Prospects for Iranian Victory
The Iranian regime has been brutalized by US and Israeli strikes and any end to the war is likely to see the Islamic Republic’s ability to project power beyond its borders severely degraded for the foreseeable future. Nevertheless, the Iranian regime will consider any scenario in which it survives and forces the US and Israel to end the war short of their ultimate objectives to be a kind of partial victory. Two paths to that outcome are currently foreseeable, through either triggering a global economic crisis by strangling Middle Eastern energy exports, and indefinitely destabilizing the region through a protracted low-level campaign.
Iran Triggers Global Energy Catastrophe That Forces US Retreat
In a March 6 interview with the Financial Times, Qatar’s Energy Minister Saad al-Kaabi warned that a global energy crisis could result in weeks if exports through the Strait of Hormuz don’t resume. While the precise timeline remains uncertain, a prolonged closure of the Strait, combined with broader war-induced disruptions to Gulf energy exports caused by Iranian attacks, could ultimately pressure the US into seeking to de-escalate the war and accept a settlement with the Iranian regime short of its stated goals.
This path to victory is the less likely of the two for several reasons: First, Iran’s capacity for disrupting shipping through the Strait of Hormuz is set to diminish as the US gains greater control over Iranian airspace and is able to use a greater variety of air and naval capabilities to focus on neutralizing threats near the Strait. The coming influx of new counter-drone systems will similarly reduce, though not completely eliminate, threats to critical oil and gas infrastructure in the region.
Second, Iran itself will feel increasing pressure from its own partners to permit traffic through the Strait of Hormuz. Additionally, prolonged closure of the Strait and continued attacks on Gulf energy exports could also see the Gulf States officially join the US military effort, as well as pull additional foreign powers into the war against Iran.
Finally, the US has signaled it is likely to prop up global energy markets at nearly any cost, including by offering additional insurance for ships transiting the Strait, as well as considering permitting a resumption of some Russian oil and gas exports (likely by authorizing more exceptions to October 2025 sanctions on Lukoil and Rosneft and allowing exports to India).

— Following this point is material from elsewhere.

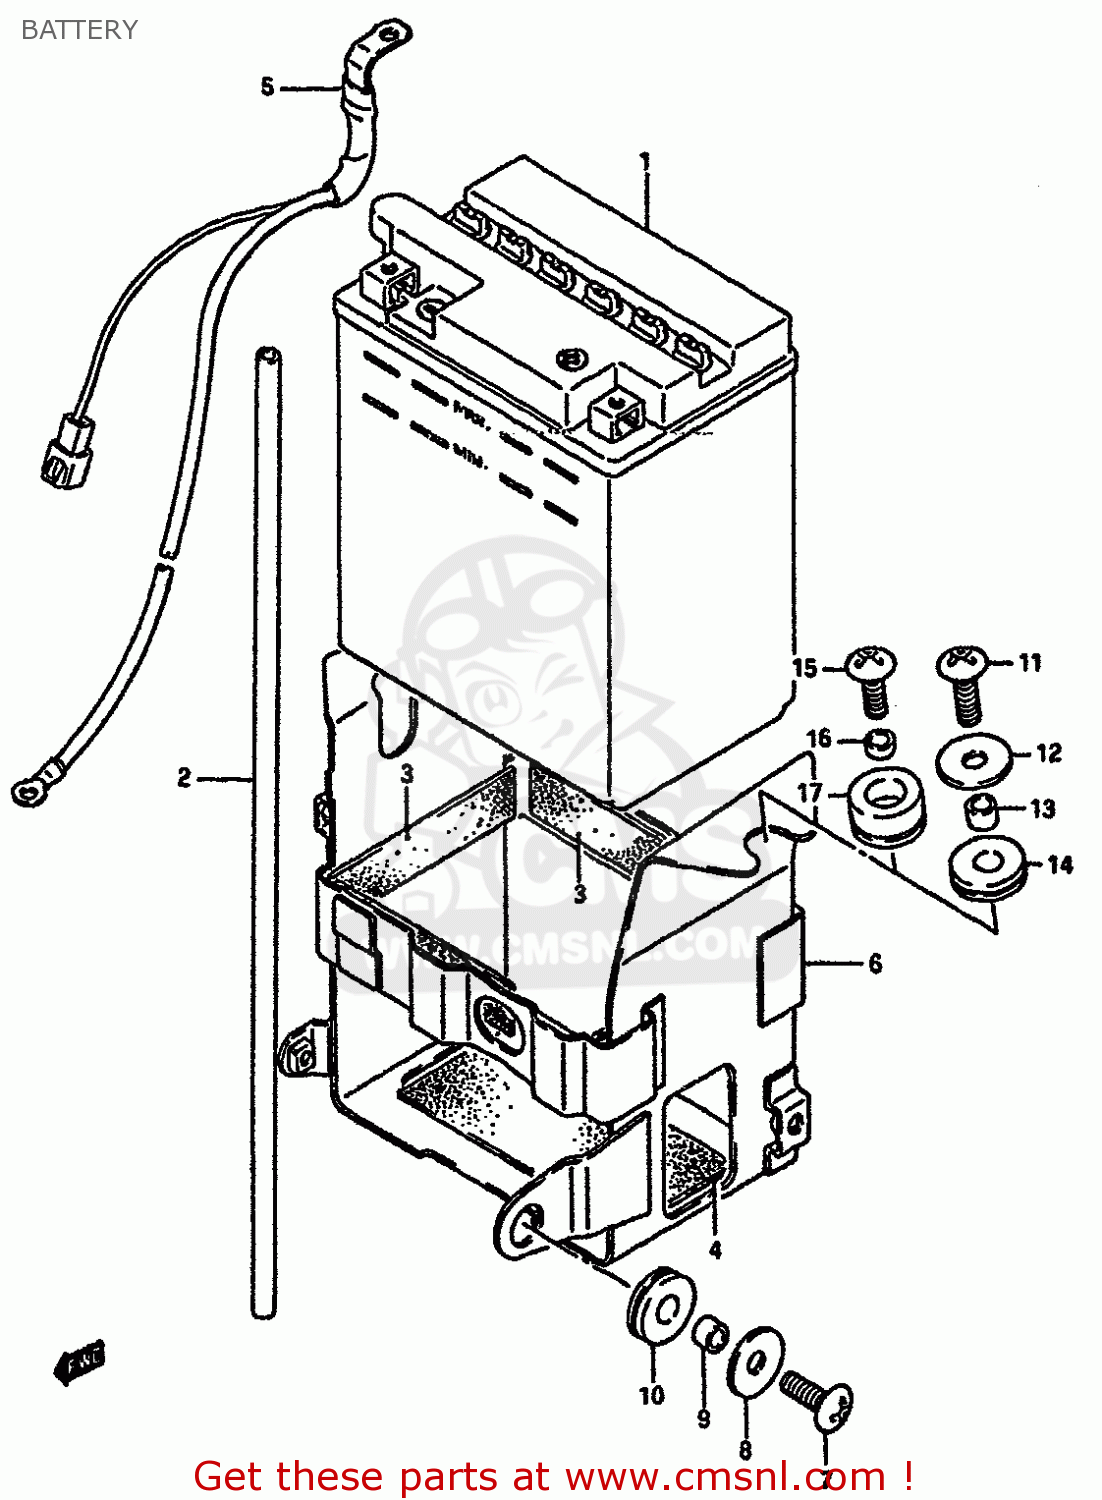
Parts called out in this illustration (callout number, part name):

The Regime Refuses to Concede and Prepares Indefinite Campaign of Asymmetric Attacks
The Iranian regime's most plausible path to a partial victory is to concentrate all available resources on political survival while sustaining enough resistance to appear to outlast the US and Israel.
Even if Iran is unable to maintain its more sophisticated long-range ballistic missile strikes or keep the Strait of Hormuz closed, it could still wage a protracted low-level conflict through drones, proxy forces, and cyber attacks on regional critical infrastructure, that over time becomes a severe obstacle to the US’s broader regional interests. If Iran is able to sustain such a campaign for many months—potentially bolstered by Russia—the accumulating costs could compel the US and its allies to seek some negotiated settlement with whatever remains of the regime in order to restore regional stability.
A prolonged conflict would also become a major political liability for the Trump administration going into the midterm elections. The 2026 elections will be highly consequential for the US President, who acknowledges that a loss of control of Congress could lead to his impeachment and possible prosecution. The President will want to avoid the appearance of a new “forever war” in the Middle East that would directly contradict his often repeated promise to avoid prolonged, indecisive foreign entanglements.